Here, Plath alludes to the magical mirrors in Snow White and other fairy tales, which were tasked with answering important questions such as “Who’s the fairest of them all?” In Plath’s poem, the mirror suggests it doesn’t like answering questions, which is why the silent, undemanding wall has become a “part of its heart.” The wall treats the mirror as what it is, expecting no magic, which makes the mirror fall in love with it.

However, the mirror’s contemplation of the wall is disturbed by both “faces and darkness.” Out of the two interruptions, it is the face of a woman—probably its owner—that ruffles the mirror’s honest quietude the most.

Now I am a lake. A woman bends over me,
Searching my reaches for what she really is.
Then she turns to those liars, the candles or the moon.
I see her back, and reflect it faithfully.
She rewards me with tears and an agitation of hands.

Unlike the wall, which asked nothing of the mirror, the woman wants something momentous from it. She treats the mirror as a “lake,” a three-dimensional body which hides answers. From this lake, the woman wants to fish out selves, both lost and ideal. However, the mirror is just a two-dimensional mirror. It may be god-like, but it is bound by its nature, which is to show the truth. It can only reflect what is in front of it, but the woman doesn’t like what she sees, rewarding the mirror with “tears”.
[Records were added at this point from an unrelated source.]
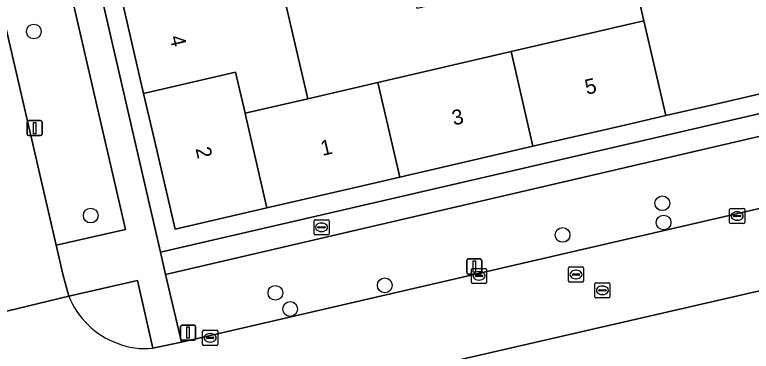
# Model space of a CAD drawing. Extents: x 156412 to 157779, y 382335 to 383768.
# Drawn here: x 156897.4 to 156946.18, y 383012.03 to 383034.33 of the extents above; entities that cross this region are included whole.
import ezdxf

# ---------------------------------------------------------------- set-up
doc = ezdxf.new("R2010")
doc.units = 0
for name, color, linetype in [('IMGEO_Berm_groen', 7, 'Continuous'), ('IMGEO_Boom', 7, 'Continuous'), ('IMGEO_Brandkraan', 7, 'Continuous'), ('IMGEO_Erf', 7, 'Continuous'), ('IMGEO_Kolk', 7, 'Continuous'), ('IMGEO_Lichtmast', 7, 'Continuous'), ('IMGEO_Pand', 7, 'Continuous'), ('IMGEO_Pand_nummerreeks', 7, 'Continuous'), ('IMGEO_Parkeervlak_open', 7, 'Continuous'), ('IMGEO_Rijbaan_lokaal_gesloten', 7, 'Continuous'), ('IMGEO_Rioolput', 7, 'Continuous'), ('IMGEO_Voetpad_open', 7, 'Continuous')]:
    doc.layers.add(name, color=color, linetype=linetype)

msp = doc.modelspace()

# ---------------------------------------------------------------- linework, layer by layer
at = {"layer": 'IMGEO_Berm_groen'}
for points in [[(156960.85, 383019.285), (156910.129, 383007.622)], [(156905.526, 383016.721), (156900.982, 383015.686)], [(156906.546, 383012.232), (156905.526, 383016.721)]]:
    msp.add_lwpolyline(points, dxfattribs=at)
for centre, radius, start, end in [((156906.118, 383017.753), 5.536, 201.9203, 249.5127), ((156906.039, 383017.172), 4.966, 248.0192, 275.863)]:
    msp.add_arc(centre, radius, start, end, dxfattribs=at)
at = {"layer": 'IMGEO_Boom'}
for centre in [(156898.666, 383033.221), (156940.288, 383021.844), (156902.436, 383021.027), (156940.372, 383020.568), (156933.681, 383019.743), (156921.909, 383016.402), (156914.666, 383015.907), (156915.642, 383014.832)]:
    msp.add_circle(centre, 0.489, dxfattribs=at)
at = {"layer": 'IMGEO_Brandkraan'}
for p, q in [((156917.295, 383020.747), (156918.147, 383020.747)), ((156917.22, 383019.821), (156917.22, 383020.673)), ((156917.479, 383020.241), (156917.479, 383020.253)), ((156917.522, 383020.29), (156917.92, 383020.29)), ((156917.708, 383020.527), (156917.733, 383020.527)), ((156917.963, 383020.253), (156917.963, 383020.241)), ((156918.221, 383020.673), (156918.221, 383019.821)), ((156918.147, 383019.747), (156917.295, 383019.747)), ((156917.917, 383020.204), (156917.519, 383020.204)), ((156917.731, 383019.967), (156917.706, 383019.967))]:
    msp.add_line(p, q, dxfattribs=at)
for points in [[(156917.295, 383020.747), (156918.147, 383020.747)], [(156917.22, 383019.821), (156917.22, 383020.673)], [(156918.221, 383020.673), (156918.221, 383019.821)], [(156918.147, 383019.747), (156917.295, 383019.747)]]:
    msp.add_lwpolyline(points, dxfattribs=at)
for centre, radius, start, end in [((156917.297, 383020.671), 0.0765, 91.552, 178.448), ((156917.297, 383020.671), 0.0765, 91.552, 178.448), ((156918.145, 383020.671), 0.0765, 1.552, 88.448), ((156918.145, 383020.671), 0.0765, 1.552, 88.448), ((156917.519, 383020.25), 0.0403, 85.8775, 175.7526), ((156917.516, 383020.24), 0.0366, 178.938, 274.7102), ((156917.92, 383020.247), 0.043, 264.8664, 352.4533), ((156917.924, 383020.252), 0.0386, 1.7309, 96.639), ((156917.297, 383019.823), 0.0765, 181.552, 268.448), ((156917.297, 383019.823), 0.0765, 181.552, 268.448), ((156918.145, 383019.823), 0.0765, 271.552, 358.448), ((156918.145, 383019.823), 0.0765, 271.552, 358.448)]:
    msp.add_arc(centre, radius, start, end, dxfattribs=at)
for centre, major_axis, ratio, start_param, end_param in [((156917.707, 383020.247), (-0.387, 0.002), 0.722429, 4.712389, 7.853982), ((156917.732, 383020.247), (-0.39, 0.002), 0.717154, 1.570796, 4.712389)]:
    msp.add_ellipse(centre, major_axis=major_axis, ratio=ratio, start_param=start_param, end_param=end_param, dxfattribs=at)
at = {"layer": 'IMGEO_Erf'}
msp.add_lwpolyline([(156949.992, 383029.841), (156943.631, 383028.37), (156940.526, 383027.651), (156937.518, 383026.955), (156931.723, 383025.614), (156928.695, 383024.914), (156922.912, 383023.576), (156919.867, 383022.871), (156914.104, 383021.538), (156908.015, 383020.129), (156906.65, 383026.02), (156905.934, 383029.11), (156904.482, 383035.375), (156904.442, 383035.547), (156903.156, 383041.098), (156901.867, 383046.658), (156900.554, 383052.324), (156899.345, 383052.043), (156907.049, 383018.602), (156963.49, 383031.665)], dxfattribs=at)
msp.add_lwpolyline([(156939.074, 383033.928), (156938.134, 383037.994), (156924.059, 383034.741), (156923.365, 383037.73), (156923.107, 383038.842), (156918.984, 383037.885), (156914.922, 383036.942), (156916.811, 383028.768), (156921.458, 383029.845), (156930.284, 383031.891)], close=True, dxfattribs=at)
at = {"layer": 'IMGEO_Kolk'}
for p, q in [((156944.744, 383020.57), (156944.744, 383021.422)), ((156944.819, 383021.496), (156945.671, 383021.496)), ((156945.232, 383021.276), (156945.257, 383021.276)), ((156945.745, 383021.422), (156945.745, 383020.57)), ((156945.003, 383020.99), (156945.003, 383021.002)), ((156945.441, 383020.953), (156945.043, 383020.953)), ((156945.046, 383021.039), (156945.444, 383021.039)), ((156945.255, 383020.716), (156945.23, 383020.716)), ((156945.487, 383021.002), (156945.487, 383020.99)), ((156945.671, 383020.496), (156944.819, 383020.496)), ((156927.651, 383016.601), (156927.651, 383017.453)), ((156927.726, 383017.527), (156928.578, 383017.527)), ((156928.139, 383017.307), (156928.164, 383017.307)), ((156928.652, 383017.453), (156928.652, 383016.601)), ((156927.91, 383017.021), (156927.91, 383017.033)), ((156928.348, 383016.984), (156927.95, 383016.984)), ((156927.953, 383017.07), (156928.351, 383017.07)), ((156928.394, 383017.033), (156928.394, 383017.021)), ((156928.578, 383016.527), (156927.726, 383016.527)), ((156928.162, 383016.747), (156928.137, 383016.747)), ((156909.917, 383013.423), (156910.769, 383013.423)), ((156909.842, 383012.497), (156909.842, 383013.349)), ((156910.101, 383012.917), (156910.101, 383012.929)), ((156910.144, 383012.966), (156910.542, 383012.966)), ((156910.33, 383013.203), (156910.355, 383013.203)), ((156910.585, 383012.929), (156910.585, 383012.917)), ((156910.843, 383013.349), (156910.843, 383012.497)), ((156910.769, 383012.423), (156909.917, 383012.423)), ((156910.539, 383012.88), (156910.141, 383012.88)), ((156910.353, 383012.643), (156910.328, 383012.643))]:
    msp.add_line(p, q, dxfattribs=at)
for points in [[(156944.744, 383020.57), (156944.744, 383021.422)], [(156944.819, 383021.496), (156945.671, 383021.496)], [(156945.745, 383021.422), (156945.745, 383020.57)], [(156945.671, 383020.496), (156944.819, 383020.496)], [(156927.651, 383016.601), (156927.651, 383017.453)], [(156927.726, 383017.527), (156928.578, 383017.527)], [(156928.652, 383017.453), (156928.652, 383016.601)], [(156928.578, 383016.527), (156927.726, 383016.527)], [(156909.917, 383013.423), (156910.769, 383013.423)], [(156909.842, 383012.497), (156909.842, 383013.349)], [(156910.843, 383013.349), (156910.843, 383012.497)], [(156910.769, 383012.423), (156909.917, 383012.423)]]:
    msp.add_lwpolyline(points, dxfattribs=at)
for centre, radius, start, end in [((156944.821, 383021.42), 0.0765, 91.552, 178.448), ((156944.821, 383021.42), 0.0765, 91.552, 178.448), ((156945.669, 383021.42), 0.0765, 1.552, 88.448), ((156945.669, 383021.42), 0.0765, 1.552, 88.448), ((156945.043, 383020.999), 0.0403, 85.8775, 175.7526), ((156945.04, 383020.989), 0.0366, 178.938, 274.7102), ((156945.444, 383020.996), 0.043, 264.8664, 352.4533), ((156945.448, 383021.001), 0.0386, 1.7309, 96.639), ((156944.821, 383020.572), 0.0765, 181.552, 268.448), ((156944.821, 383020.572), 0.0765, 181.552, 268.448), ((156945.669, 383020.572), 0.0765, 271.552, 358.448), ((156945.669, 383020.572), 0.0765, 271.552, 358.448), ((156927.728, 383017.451), 0.0765, 91.552, 178.448), ((156927.728, 383017.451), 0.0765, 91.552, 178.448), ((156928.576, 383017.451), 0.0765, 1.552, 88.448), ((156928.576, 383017.451), 0.0765, 1.552, 88.448), ((156927.95, 383017.03), 0.0403, 85.8775, 175.7526), ((156927.947, 383017.02), 0.0366, 178.938, 274.7102), ((156928.351, 383017.027), 0.043, 264.8664, 352.4533), ((156928.355, 383017.032), 0.0386, 1.7309, 96.639), ((156927.728, 383016.603), 0.0765, 181.552, 268.448), ((156927.728, 383016.603), 0.0765, 181.552, 268.448), ((156928.576, 383016.603), 0.0765, 271.552, 358.448), ((156928.576, 383016.603), 0.0765, 271.552, 358.448), ((156909.919, 383013.347), 0.0765, 91.552, 178.448), ((156909.919, 383013.347), 0.0765, 91.552, 178.448), ((156910.767, 383013.347), 0.0765, 1.552, 88.448), ((156910.767, 383013.347), 0.0765, 1.552, 88.448), ((156910.141, 383012.926), 0.0403, 85.8775, 175.7526), ((156910.138, 383012.916), 0.0366, 178.938, 274.7102), ((156910.542, 383012.923), 0.043, 264.8664, 352.4533), ((156910.546, 383012.928), 0.0386, 1.7309, 96.639), ((156909.919, 383012.499), 0.0765, 181.552, 268.448), ((156909.919, 383012.499), 0.0765, 181.552, 268.448), ((156910.767, 383012.499), 0.0765, 271.552, 358.448), ((156910.767, 383012.499), 0.0765, 271.552, 358.448)]:
    msp.add_arc(centre, radius, start, end, dxfattribs=at)
for centre, major_axis, ratio, start_param, end_param in [((156945.231, 383020.996), (-0.387, 0.002), 0.722429, 4.712389, 7.853982), ((156945.256, 383020.996), (-0.39, 0.002), 0.717154, 1.570796, 4.712389), ((156928.138, 383017.027), (-0.387, 0.002), 0.722429, 4.712389, 7.853982), ((156928.163, 383017.027), (-0.39, 0.002), 0.717154, 1.570796, 4.712389), ((156910.329, 383012.923), (-0.387, 0.002), 0.722429, 4.712389, 7.853982), ((156910.354, 383012.923), (-0.39, 0.002), 0.717154, 1.570796, 4.712389)]:
    msp.add_ellipse(centre, major_axis=major_axis, ratio=ratio, start_param=start_param, end_param=end_param, dxfattribs=at)
at = {"layer": 'IMGEO_Lichtmast'}
for p, q in [((156898.223, 383026.421), (156898.223, 383027.221)), ((156898.223, 383027.221), (156898.223, 383026.421)), ((156898.323, 383027.321), (156899.113, 383027.321)), ((156899.113, 383027.321), (156898.323, 383027.321)), ((156899.213, 383027.221), (156899.213, 383026.421)), ((156899.213, 383026.421), (156899.213, 383027.221)), ((156899.113, 383026.321), (156898.323, 383026.321)), ((156898.323, 383026.321), (156899.113, 383026.321)), ((156927.337, 383017.248), (156927.337, 383018.048)), ((156927.337, 383018.048), (156927.337, 383017.248)), ((156927.437, 383018.148), (156928.227, 383018.148)), ((156928.227, 383018.148), (156927.437, 383018.148)), ((156928.327, 383018.048), (156928.327, 383017.248)), ((156928.327, 383017.248), (156928.327, 383018.048)), ((156928.227, 383017.148), (156927.437, 383017.148)), ((156927.437, 383017.148), (156928.227, 383017.148)), ((156908.387, 383012.867), (156908.387, 383013.667)), ((156908.387, 383013.667), (156908.387, 383012.867)), ((156908.487, 383013.767), (156909.277, 383013.767)), ((156909.277, 383013.767), (156908.487, 383013.767)), ((156909.377, 383013.667), (156909.377, 383012.867)), ((156909.377, 383012.867), (156909.377, 383013.667)), ((156909.277, 383012.767), (156908.487, 383012.767)), ((156908.487, 383012.767), (156909.277, 383012.767))]:
    msp.add_line(p, q, dxfattribs=at)
for points in [[(156898.643, 383027.196), (156898.793, 383027.196), (156898.793, 383026.446), (156898.643, 383026.446), (156898.643, 383027.196)], [(156927.757, 383018.023), (156927.907, 383018.023), (156927.907, 383017.273), (156927.757, 383017.273), (156927.757, 383018.023)], [(156908.807, 383013.642), (156908.957, 383013.642), (156908.957, 383012.892), (156908.807, 383012.892), (156908.807, 383013.642)]]:
    msp.add_lwpolyline(points, dxfattribs=at)
for centre, start, end in [((156898.323, 383027.221), 90, 180), ((156898.323, 383027.221), 90, 180), ((156899.113, 383027.221), 0, 90), ((156899.113, 383027.221), 360, 90), ((156898.323, 383026.421), 180, 270), ((156898.323, 383026.421), 180, 270), ((156899.113, 383026.421), 270, 0), ((156899.113, 383026.421), 270, 0), ((156927.437, 383018.048), 90, 180), ((156927.437, 383018.048), 90, 180), ((156928.227, 383018.048), 0, 90), ((156928.227, 383018.048), 360, 90), ((156927.437, 383017.248), 180, 270), ((156927.437, 383017.248), 180, 270), ((156928.227, 383017.248), 270, 0), ((156928.227, 383017.248), 270, 0), ((156908.487, 383013.667), 90, 180), ((156908.487, 383013.667), 90, 180), ((156909.277, 383013.667), 0, 90), ((156909.277, 383013.667), 360, 90), ((156908.487, 383012.867), 180, 270), ((156908.487, 383012.867), 180, 270), ((156909.277, 383012.867), 270, 0), ((156909.277, 383012.867), 270, 0)]:
    msp.add_arc(centre, 0.1, start, end, dxfattribs=at)
at = {"layer": 'IMGEO_Pand'}
for points in [[(156959.864, 383048.508), (156952.425, 383046.797), (156953.617, 383041.606), (156948.698, 383040.477), (156947.851, 383044.168), (156937.277, 383041.703), (156937.984, 383038.645), (156938.134, 383037.994), (156939.074, 383033.928), (156940.526, 383027.651), (156943.631, 383028.37), (156949.992, 383029.841), (156960.259, 383032.217), (156959.896, 383033.786), (156963.099, 383034.524)], [(156904.442, 383035.547), (156904.482, 383035.375), (156905.934, 383029.11), (156912.023, 383030.52), (156912.652, 383027.804), (156916.811, 383028.768), (156914.922, 383036.942), (156918.984, 383037.885), (156918.525, 383039.872), (156914.463, 383038.927), (156914.695, 383037.925)], [(156931.723, 383025.614), (156937.518, 383026.955), (156940.526, 383027.651), (156939.074, 383033.928), (156930.284, 383031.891)], [(156931.723, 383025.614), (156930.284, 383031.891), (156921.458, 383029.845), (156922.912, 383023.576), (156928.695, 383024.914)], [(156914.104, 383021.538), (156912.7, 383027.598), (156912.652, 383027.804), (156912.023, 383030.52), (156905.934, 383029.11), (156906.65, 383026.02), (156908.015, 383020.129)], [(156916.811, 383028.768), (156912.652, 383027.804), (156912.7, 383027.598), (156914.104, 383021.538), (156919.867, 383022.871), (156922.912, 383023.576), (156921.458, 383029.845)]]:
    msp.add_lwpolyline(points, close=True, dxfattribs=at)
at = {"layer": 'IMGEO_Parkeervlak_open'}
msp.add_lwpolyline([(156904.74, 383020.113), (156897.445, 383051.688), (156892.844, 383050.62), (156900.135, 383019.061)], close=True, dxfattribs=at)
msp.add_lwpolyline([(156966.27, 383026.397), (156965.291, 383030.587), (156907.388, 383017.126), (156908.444, 383012.637), (156964.176, 383025.547)], dxfattribs=at)
at = {"layer": 'IMGEO_Rijbaan_lokaal_gesloten'}
for points in [[(156876.165, 383098.859), (156891.24, 383033.646), (156891.143, 383032.914), (156893.428, 383023.015), (156893.842, 383021.91), (156895.579, 383014.372), (156900.982, 383015.686), (156900.58, 383017.134), (156900.135, 383019.061), (156892.844, 383050.62), (156892.411, 383052.582), (156891.866, 383054.936), (156882.501, 383095.375)], [(156964.176, 383025.547), (156908.444, 383012.637), (156907.691, 383012.489), (156906.546, 383012.232)], [(156902.098, 383005.92), (156904.967, 383006.413), (156909.626, 383007.501), (156909.861, 383007.556), (156910.129, 383007.622), (156960.85, 383019.285)], [(156900.982, 383015.686), (156895.579, 383014.372), (156896.343, 383011.057)]]:
    msp.add_lwpolyline(points, dxfattribs=at)
for centre, radius, start, end in [((156906.118, 383017.753), 5.536, 201.9203, 249.5127), ((156906.039, 383017.172), 4.966, 248.0192, 275.863)]:
    msp.add_arc(centre, radius, start, end, dxfattribs=at)
at = {"layer": 'IMGEO_Rioolput'}
for p, q in [((156934.071, 383016.694), (156934.071, 383017.546)), ((156934.146, 383017.62), (156934.998, 383017.62)), ((156934.559, 383017.4), (156934.584, 383017.4)), ((156935.072, 383017.546), (156935.072, 383016.694)), ((156934.33, 383017.114), (156934.33, 383017.126)), ((156934.768, 383017.077), (156934.37, 383017.077)), ((156934.373, 383017.163), (156934.771, 383017.163)), ((156934.582, 383016.84), (156934.557, 383016.84)), ((156934.814, 383017.126), (156934.814, 383017.114)), ((156934.998, 383016.62), (156934.146, 383016.62)), ((156935.819, 383015.646), (156935.819, 383016.498)), ((156935.894, 383016.572), (156936.746, 383016.572)), ((156936.307, 383016.352), (156936.332, 383016.352)), ((156936.82, 383016.498), (156936.82, 383015.646)), ((156936.078, 383016.066), (156936.078, 383016.078)), ((156936.516, 383016.029), (156936.118, 383016.029)), ((156936.121, 383016.115), (156936.519, 383016.115)), ((156936.562, 383016.078), (156936.562, 383016.066)), ((156936.746, 383015.572), (156935.894, 383015.572)), ((156936.33, 383015.792), (156936.305, 383015.792))]:
    msp.add_line(p, q, dxfattribs=at)
for points in [[(156934.071, 383016.694), (156934.071, 383017.546)], [(156934.146, 383017.62), (156934.998, 383017.62)], [(156935.072, 383017.546), (156935.072, 383016.694)], [(156934.998, 383016.62), (156934.146, 383016.62)], [(156935.819, 383015.646), (156935.819, 383016.498)], [(156935.894, 383016.572), (156936.746, 383016.572)], [(156936.82, 383016.498), (156936.82, 383015.646)], [(156936.746, 383015.572), (156935.894, 383015.572)]]:
    msp.add_lwpolyline(points, dxfattribs=at)
for centre, radius, start, end in [((156934.148, 383017.544), 0.0765, 91.552, 178.448), ((156934.148, 383017.544), 0.0765, 91.552, 178.448), ((156934.996, 383017.544), 0.0765, 1.552, 88.448), ((156934.996, 383017.544), 0.0765, 1.552, 88.448), ((156934.37, 383017.123), 0.0403, 85.8775, 175.7526), ((156934.367, 383017.113), 0.0366, 178.938, 274.7102), ((156934.771, 383017.12), 0.043, 264.8664, 352.4533), ((156934.775, 383017.125), 0.0386, 1.7309, 96.639), ((156934.148, 383016.696), 0.0765, 181.552, 268.448), ((156934.148, 383016.696), 0.0765, 181.552, 268.448), ((156934.996, 383016.696), 0.0765, 271.552, 358.448), ((156934.996, 383016.696), 0.0765, 271.552, 358.448), ((156935.896, 383016.496), 0.0765, 91.552, 178.448), ((156935.896, 383016.496), 0.0765, 91.552, 178.448), ((156936.744, 383016.496), 0.0765, 1.552, 88.448), ((156936.744, 383016.496), 0.0765, 1.552, 88.448), ((156936.118, 383016.075), 0.0403, 85.8775, 175.7526), ((156936.115, 383016.065), 0.0366, 178.938, 274.7102), ((156936.519, 383016.072), 0.043, 264.8664, 352.4533), ((156936.523, 383016.077), 0.0386, 1.7309, 96.639), ((156935.896, 383015.648), 0.0765, 181.552, 268.448), ((156935.896, 383015.648), 0.0765, 181.552, 268.448), ((156936.744, 383015.648), 0.0765, 271.552, 358.448), ((156936.744, 383015.648), 0.0765, 271.552, 358.448)]:
    msp.add_arc(centre, radius, start, end, dxfattribs=at)
for centre, major_axis, ratio, start_param, end_param in [((156934.558, 383017.12), (-0.387, 0.002), 0.722429, 4.712389, 7.853982), ((156934.583, 383017.12), (-0.39, 0.002), 0.717154, 1.570796, 4.712389), ((156936.306, 383016.072), (-0.387, 0.002), 0.722429, 4.712389, 7.853982), ((156936.331, 383016.072), (-0.39, 0.002), 0.717154, 1.570796, 4.712389)]:
    msp.add_ellipse(centre, major_axis=major_axis, ratio=ratio, start_param=start_param, end_param=end_param, dxfattribs=at)
at = {"layer": 'IMGEO_Voetpad_open'}
msp.add_lwpolyline([(156887.063, 383096.468), (156896.418, 383056.005), (156896.967, 383053.629), (156892.411, 383052.582), (156892.844, 383050.62), (156897.445, 383051.688), (156904.74, 383020.113), (156900.135, 383019.061), (156900.58, 383017.134), (156900.982, 383015.686), (156905.526, 383016.721), (156906.546, 383012.232), (156907.691, 383012.489), (156908.444, 383012.637), (156907.388, 383017.126), (156907.049, 383018.602), (156899.345, 383052.043), (156898.845, 383054.19), (156889.831, 383093.107)], dxfattribs=at)
msp.add_lwpolyline([(156965.291, 383030.587), (156964.964, 383032.009), (156963.49, 383031.665), (156907.049, 383018.602), (156907.388, 383017.126)], close=True, dxfattribs=at)

# ---------------------------------------------------------------- texts
at = {"layer": 'IMGEO_Pand_nummerreeks'}
for s, rotation, p in [('4', 283.0474, (156907.652, 383032.859)), ('5', 13.0276, (156935.285, 383029.026)), ('3', 13.0276, (156926.478, 383026.988)), ('1', 13.0276, (156917.782, 383024.975)), ('2', 283.0474, (156909.367, 383025.458))]:
    msp.add_text(s, height=1, rotation=rotation, dxfattribs=at).set_placement(p)

doc.saveas('drawing.dxf')

With the aid of “liars”—the forgiving light of candles and moon—the woman hopes the mirror can work some alchemy, but the mirror fails her. At another level, we can also say that the woman sees in the mirror what she wants to see, which is herself as inadequate. Thus, the mirror reflects both the woman’s external and internal realities. What the woman wants is to retrieve perfection and the past, which the mirror suggests is impossible. At the same time, she dreads the future, her eventual mature self, rising up to meet her.

I am important to her. She comes and goes.
Each morning it is her face that replaces the darkness.
In me she has drowned a young girl, and in me an old woman
Rises toward her day after day, like a terrible fish.

Through the metaphor of the mirror, Plath also comments on the unrealistic beauty standards to which women have been subjected through the ages. Just like with the Queen in Snow White, the woman in the poem is forced into believing youthful beauty is her only source of power. In the quest to appear young and pretty, the woman develops a toxic relationship with the mirror, depending on it to validate her existence. If only she could accept the truth of aging and the inherent beauty of growth, she would be as objective as the wall, and the mirror would show her a brighter reality.